MESSAGE DE S.E. LAURENT CARDINAL MONSENGWO PASINYA EN MARGE DE LA
MARCHE DU DIMANCHE 21 JANVIER 2018
Le dimanche 21 janvier 2018, à l’appel du Comité Laïc de coordination,
les chrétiens catholiques, des fidèles d’autres confessions
religieuses, et tous les hommes épris de justice et paix ont voulu
marcher pacifiquement pour réclamer encore une fois l’application de
l’accord politique global.et inclusif de la Saint-Sylvestrè 2016.

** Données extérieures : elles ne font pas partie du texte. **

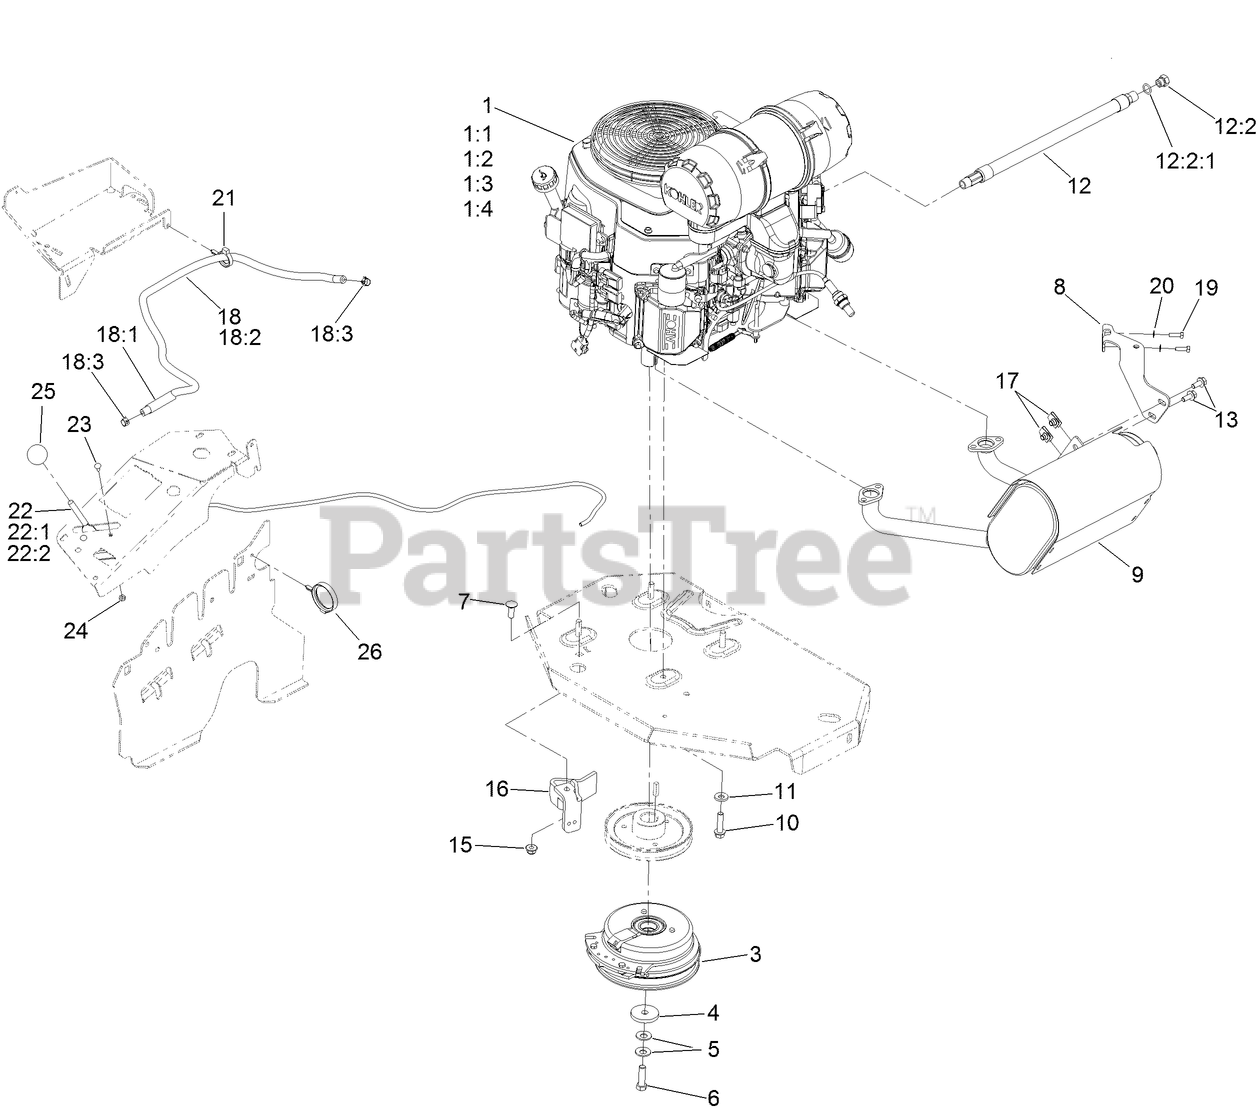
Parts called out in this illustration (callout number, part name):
1:1	KOHLER 52 050 02-S ENGINE OIL FILTER
1:2	KOHLER 25 083 01-S ENGINE AIR FILTER
1:3	KOHLER 25 083 04-S SAFETY FILTER
1:4	KOHLER 25 050 42-S FUEL FILTER
3	CLUTCH KIT
4	WASHER-CLUTCH
5	WASHER-SPRING
6	SCREW-HH, W/LOCTITE
7	SCREW-CARR
8	MUFFLER BRACKET KIT
9	MUFFLER KIT
10	SCREW-HWH
11	WASHER-BELLEVILLE
12	OIL DRAIN HOSE ASM
12:2	PLUG-HH
12:2:1	O-RING
13	SCREW-HH
15	NUT-HF, NI
16	CLUTCH-ANCHOR
17	NUT-U
18	FUEL LINE ASM
18:1	HOSE-FUEL
18:2	SLEEVE-THERMAL
18:3	CLAMP-HOSE
19	SCREW-HH
20	WASHER-SPRING
21	CLAMP-HOSE
22	THROTTLE CONTROL ASM
22:1	LEVER-THROTTLE
23	BOLT-CARR
24	NUT-LOCK, NI
25	KNOB-BALL
26	CLAMP-HARNESS

Comme le 31 décembre 2017, des chrétiens de certaines paroisses ont
été empêchés de prier, plusieurs autres ont été empêchés de sortir de
l’enclos des paroisses par des policiers et des militaires plus
qu’armés comme s’ils étaient dans un champ de bataille. Ceux qui ont
prié et ont pu marcher ont été dispersés à coup de gaz lacrymogène,
des grenades assourdissantes et de désencerclement, des balles
réelles, des balles en caoutchouc. Nous avons encore compté des morts,
des blessés, des arrestations des prêtres, des religieuses et de
plusieurs laïcs, des vols, des extorsions des biens des citoyens.
Alors que le chef de la police avait annoncé la consigne selon
laquelle il n’y aurait aucun décès (zéro décès !), que les droits
humains seront respectés. Que nenni !
Avec l’ensemble de notre peuple, nous nous inclinons devant la mémoire
de nos frères et soeurs, autres martyrs de la Saint-Sylvestre, tombés
lors de cette marche. Tout en saluant leur bravoure, nous les
recommandons à Dieu, Père de miséricorde pour leur salut éternel.

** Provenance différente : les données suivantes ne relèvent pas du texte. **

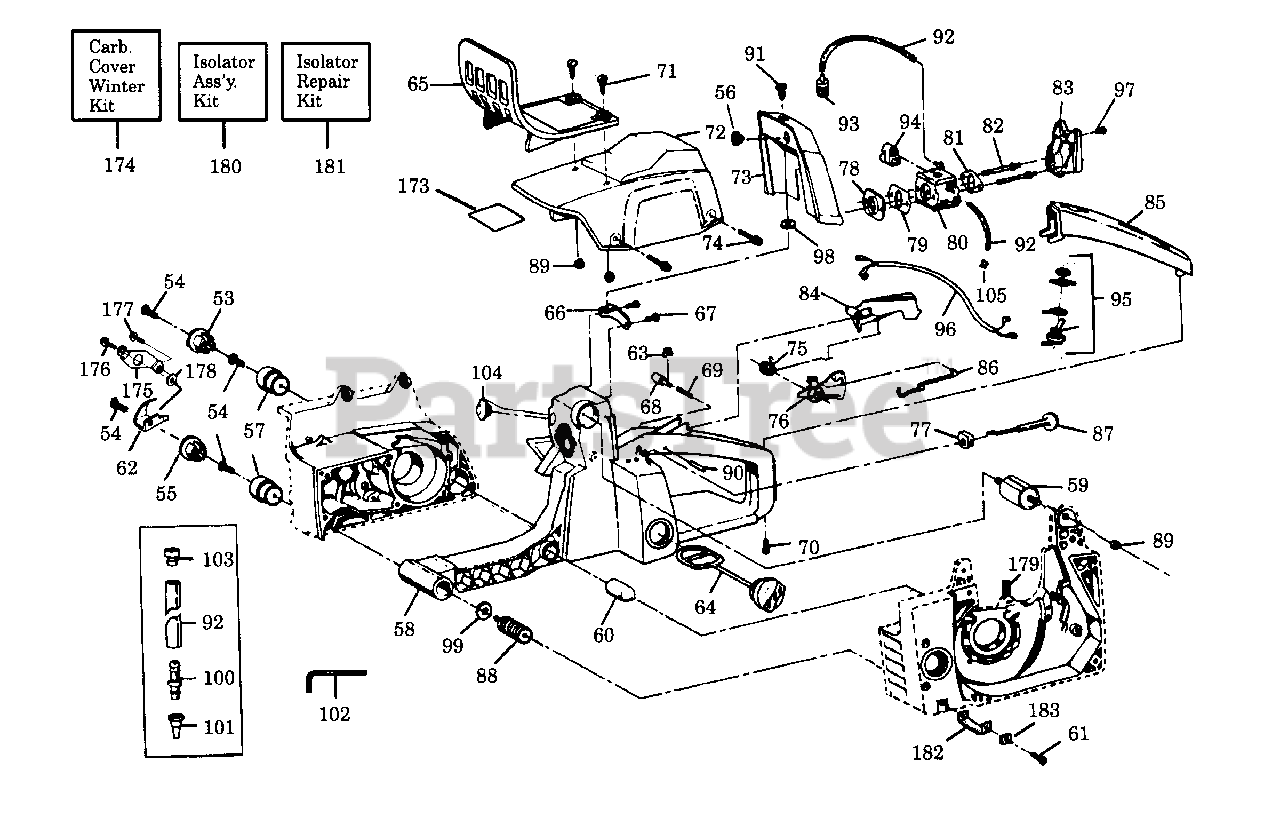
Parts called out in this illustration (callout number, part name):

Que n’avons-nous pas vu? Déjà la veille, le 20 janvier, en pleine
journée, des barrières ont été érigées pour fouiller les véhicules et
vérifier les identités des passagers. Sommes-nous dans une prison à
ciel ouvert? Comment peut-on tuer des hommes, des femmes, des enfants,
jeunes et vieux scandant cantiques religieux, munis des bibles,
chapelets, crucifix? Que veut-on au juste ?Le pouvoir pour le pouvoir
ou bien le pouvoir pour le développement intégral du peuple, dans la
paix, la justice et la vérité. Nous voulons que règne la force de la
loi et non la loi de la force.
Quant à nous, chrétiens catholiques, sans céder à la violence, restons
inébranlables dans la Foi, agissons toujours par amour du prochain et
vivons dans l’Espérance joyeuse que le Seigneur ne nous abandonnera
pas.
Que la Vierge Marie, notre Dame de la Paix, intercède pour notre pays
et nous obtienne de son Fils, Jésus Christ, d’accomplir la volonté de
Dieu le Père aujourd’hui et pour les siècles.

Fait à Kinshasa, en notre Curie Episcopale, le vingt-deuxième jour du
mois de janvier de l’année deux mille dix-huit.